Last week, the Tax Court issued an opinion that stands as another warning to taxpayers that they may only deduct donations of historic façade easements if they can support the value of the easements.
We all know that taxpayers are generally entitled to deduct the value of property that is donated to charity. In the world of real estate, this can include donations of easements on façades of historic buildings. Essentially, this involves the owner of an historic building giving up the right to make changes to the exterior of the building that would be inconsistent with the preservation of the historic nature of the façade. This provides the public benefit of preserving the historic exterior features of the building, while allowing the owner of the building a tax deduction for the reduced value of the building resulting from the restrictions.
In a typical façade easement donation, the owner of a building will find a charitable organization whose purpose is the preservation or conservation of historical buildings. Then, the owner will donate to that organization a perpetual easement on the outer shell of the building that will only allow modifications to the exterior that are consistent with the preservation of its historic nature. The organization is then tasked with monitoring the building to ensure that no improper modifications are made. Ordinarily, the organization will ask for a concurrent cash donation to assist it in this enforcement function. Also as part of the arrangement, the owner usually covenants to perform the maintenance on the exterior of the building. There are rules that will even allow an owner to make such a donation when the building is subject to a mortgage, provided the mortgagee agrees to subordinate its rights to the enforcement of the easement.
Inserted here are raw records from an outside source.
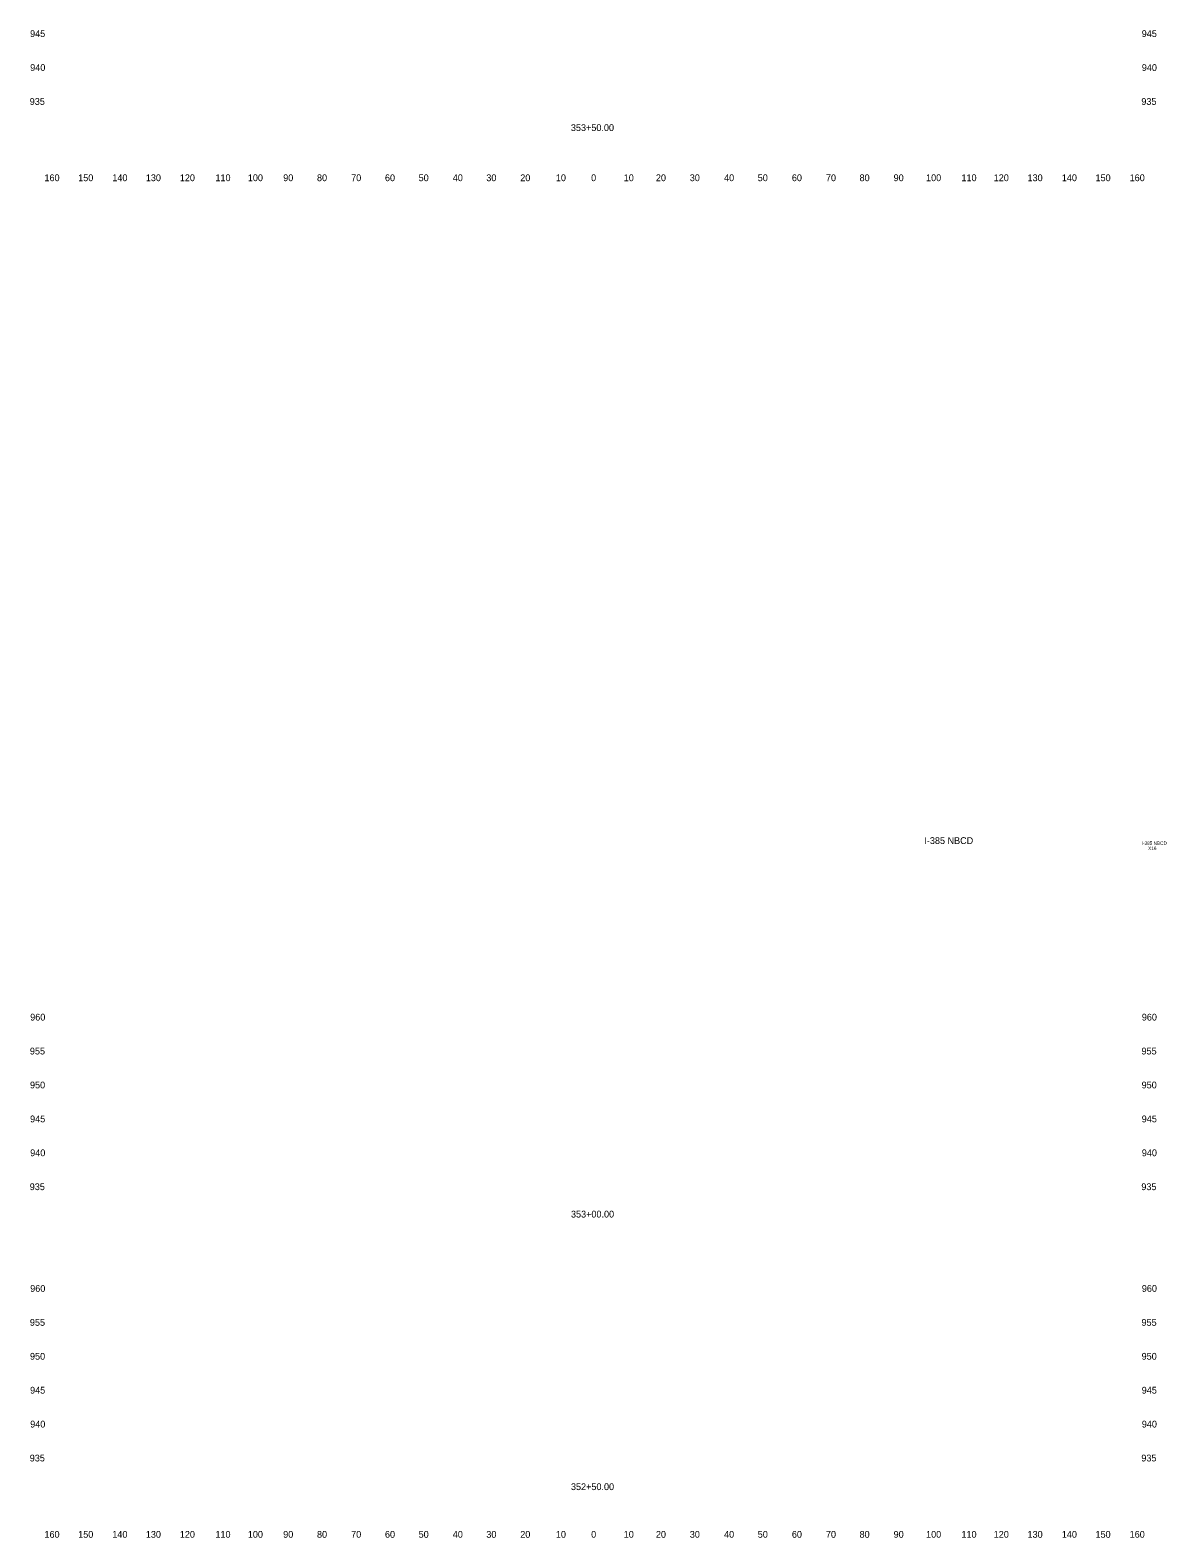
# Model space of a CAD drawing. Extents: x 4994 to 7391, y 4997 to 8804.
# Drawn here: x 5508.9 to 5843.8, y 6997.5 to 7442 of the extents above; entities that cross this region are included whole.
import ezdxf

# ---------------------------------------------------------------- set-up
doc = ezdxf.new("R2010")
doc.units = 0
for name, color, linetype in [('RD_SHT_ID', 7, 'Continuous'), ('RD_XS_TX_Offset', 7, 'Continuous'), ('RD_XS_TX_Station', 7, 'Continuous')]:
    doc.layers.add(name, color=color, linetype=linetype)

msp = doc.modelspace()

# ---------------------------------------------------------------- texts
at = {"layer": 'RD_SHT_ID'}
for s, height, p in [('I-385 NBCD', 2, (5772.56, 7202.06)), ('I-385 NBCD', 1, (5836.63, 7201.8)), ('X16', 1, (5838.55, 7200.3))]:
    msp.add_text(s, height=height, dxfattribs=at).set_placement(p)
at = {"layer": 'RD_XS_TX_Offset'}
for s, p in [('945', (5508.86, 7440)), ('945', (5836.66, 7440)), ('940', (5508.89, 7430)), ('940', (5836.69, 7430)), ('935', (5508.75, 7420)), ('935', (5836.55, 7420)), ('160', (5513.1, 7397.5)), ('150', (5523.04, 7397.5)), ('140', (5533.1, 7397.5)), ('130', (5542.99, 7397.5)), ('120', (5553.01, 7397.5)), ('110', (5563.51, 7397.5)), ('100', (5573.07, 7397.5)), ('90', (5583.5, 7397.5)), ('80', (5593.46, 7397.5)), ('70', (5603.54, 7397.5)), ('60', (5613.5, 7397.5)), ('50', (5623.43, 7397.5)), ('40', (5633.5, 7397.5)), ('30', (5643.39, 7397.5)), ('20', (5653.4, 7397.5)), ('10', (5663.91, 7397.5)), ('0', (5674.3, 7397.5)), ('0', (5674.3, 7397.5)), ('10', (5683.91, 7397.5)), ('20', (5693.4, 7397.5)), ('30', (5703.39, 7397.5)), ('40', (5713.5, 7397.5)), ('50', (5723.43, 7397.5)), ('60', (5733.5, 7397.5)), ('70', (5743.54, 7397.5)), ('80', (5753.46, 7397.5)), ('90', (5763.5, 7397.5)), ('100', (5773.07, 7397.5)), ('110', (5783.51, 7397.5)), ('120', (5793.01, 7397.5)), ('130', (5802.99, 7397.5)), ('140', (5813.1, 7397.5)), ('150', (5823.04, 7397.5)), ('160', (5833.1, 7397.5)), ('960', (5508.89, 7150)), ('960', (5836.69, 7150)), ('955', (5508.8, 7140)), ('955', (5836.6, 7140)), ('950', (5508.83, 7130)), ('950', (5836.63, 7130)), ('945', (5508.86, 7120)), ('945', (5836.66, 7120)), ('940', (5508.89, 7110)), ('940', (5836.69, 7110)), ('935', (5508.75, 7100)), ('935', (5836.55, 7100)), ('960', (5508.89, 7070)), ('960', (5836.69, 7070)), ('955', (5508.8, 7060)), ('955', (5836.6, 7060)), ('950', (5508.83, 7050)), ('950', (5836.63, 7050)), ('945', (5508.86, 7040)), ('945', (5836.66, 7040)), ('940', (5508.89, 7030)), ('940', (5836.69, 7030)), ('935', (5508.75, 7020)), ('935', (5836.55, 7020)), ('160', (5513.1, 6997.5)), ('150', (5523.04, 6997.5)), ('140', (5533.1, 6997.5)), ('130', (5542.99, 6997.5)), ('120', (5553.01, 6997.5)), ('110', (5563.51, 6997.5)), ('100', (5573.07, 6997.5)), ('90', (5583.5, 6997.5)), ('80', (5593.46, 6997.5)), ('70', (5603.54, 6997.5)), ('60', (5613.5, 6997.5)), ('50', (5623.43, 6997.5)), ('40', (5633.5, 6997.5)), ('30', (5643.39, 6997.5)), ('20', (5653.4, 6997.5)), ('10', (5663.91, 6997.5)), ('0', (5674.3, 6997.5)), ('0', (5674.3, 6997.5)), ('10', (5683.91, 6997.5)), ('20', (5693.4, 6997.5)), ('30', (5703.39, 6997.5)), ('40', (5713.5, 6997.5)), ('50', (5723.43, 6997.5)), ('60', (5733.5, 6997.5)), ('70', (5743.54, 6997.5)), ('80', (5753.46, 6997.5)), ('90', (5763.5, 6997.5)), ('100', (5773.07, 6997.5)), ('110', (5783.51, 6997.5)), ('120', (5793.01, 6997.5)), ('130', (5802.99, 6997.5)), ('140', (5813.1, 6997.5)), ('150', (5823.04, 6997.5)), ('160', (5833.1, 6997.5))]:
    msp.add_text(s, height=2, dxfattribs=at).set_placement(p)
at = {"layer": 'RD_XS_TX_Station'}
for s, p in [('353+50.00', (5668.33, 7412.28)), ('353+00.00', (5668.36, 7091.92)), ('352+50.00', (5668.35, 7011.55))]:
    msp.add_text(s, height=2, dxfattribs=at).set_placement(p)

doc.saveas('drawing.dxf')

Once the façade is donated, the owner is still entitled to do anything it desires to the interior of the building (provided it maintains the structural support for the exterior), including complete renovations of the interior, changing the use of the building, or subdividing the interior into condominium units. Moreover, the owner is entitled to sell or lease the building with the only caveat that the restrictions on modifications to the exterior will continue to apply to the building. Consider, for example, the Roosevelt Building at 727 West Seventh Street in Los Angeles. A 1927 high-rise that was formerly a commercial building was converted into a residential condominium complex with retail space before a façade easement was donated to the Los Angeles Conservancy.
Although the owner retains significant latitude with what it can do to the interior of the building, the easement does result in limitations on what it can do to the outside of the building. Most obviously, the owner cannot demolish the building or change the exterior look of the building. In addition, it must provide access for the general public to view the historic features of the façade. This means that there will be limitations on its ability to cover the exterior or place billboards or similar advertising on the outside of the building. And, if the building is not visible from the street, the owner will need to provide reasonable access to the building to allow the general public to view the façade.
When the donation is made, the donor’s deduction is limited to the value of the easement (unless other general rules would further limit the deduction). To establish that value, the donor will need to obtain a contemporaneous written appraisal of the easement from a qualified appraiser. The value of a façade easement depends on a number of considerations, but on a very basic level, it will be approximately the difference between the value of the building before the easement was donated and the value of the building after it was donated. This means that if the building is already at its highest and best use or if it is subject to local historic preservation rules or zoning rules that would already prohibit modifications that would be proscribed under the easement, the easement may not have any value. Because of the nature of easements, it is very difficult to appraise them properly. So, it is very important that taxpayers obtain appraisals with sound methodology and analysis.
This is where the taxpayers in Dunlap v. Commissioner (TC Memo 2012-126) went wrong. There, a condominium association in New York City donated a façade easement to a charity called the National Architectural Trust. Since each of the owners of the condominium units had an undivided interest in the common areas of the building, which included the façade, each of the owners claimed a deduction for its allocable share of the value of the façade. In addition, they were each required to make a cash donation to the Trust to defray the costs of administering the easement, which they also deducted.
At trial, the original appraiser of the easement was not included by the taxpayers as an expert and did not testify, so his appraisal was not accepted by the court as evidence. Instead, the taxpayers presented two other appraisers to support the valuation of the easement. The Tax Court, however, was not persuaded by the analyses of those appraisers, so it found that the taxpayers did not satisfy their burden of establishing the value of the easement being donated. Accordingly, it disallowed their deductions for the value of the easement.
But, the taxpayers did have a silver lining. The court agreed with them that their cash donations were fully deductible. Moreover, it denied the Internal Revenue Service’s attempt to impose 20% penalties on them for claiming the deduction. Although their original appraisal was not allowed as evidence supporting the valuation of the easement, the court agreed that the taxpayers reasonably relied on it when taking their deductions.
The lesson to be learned from Dunlop is that prospective donors need to be careful that the value they intend to deduct on the donation of an historic façade easement can be supported. If an appraisal sounds too good to be true, it just might be.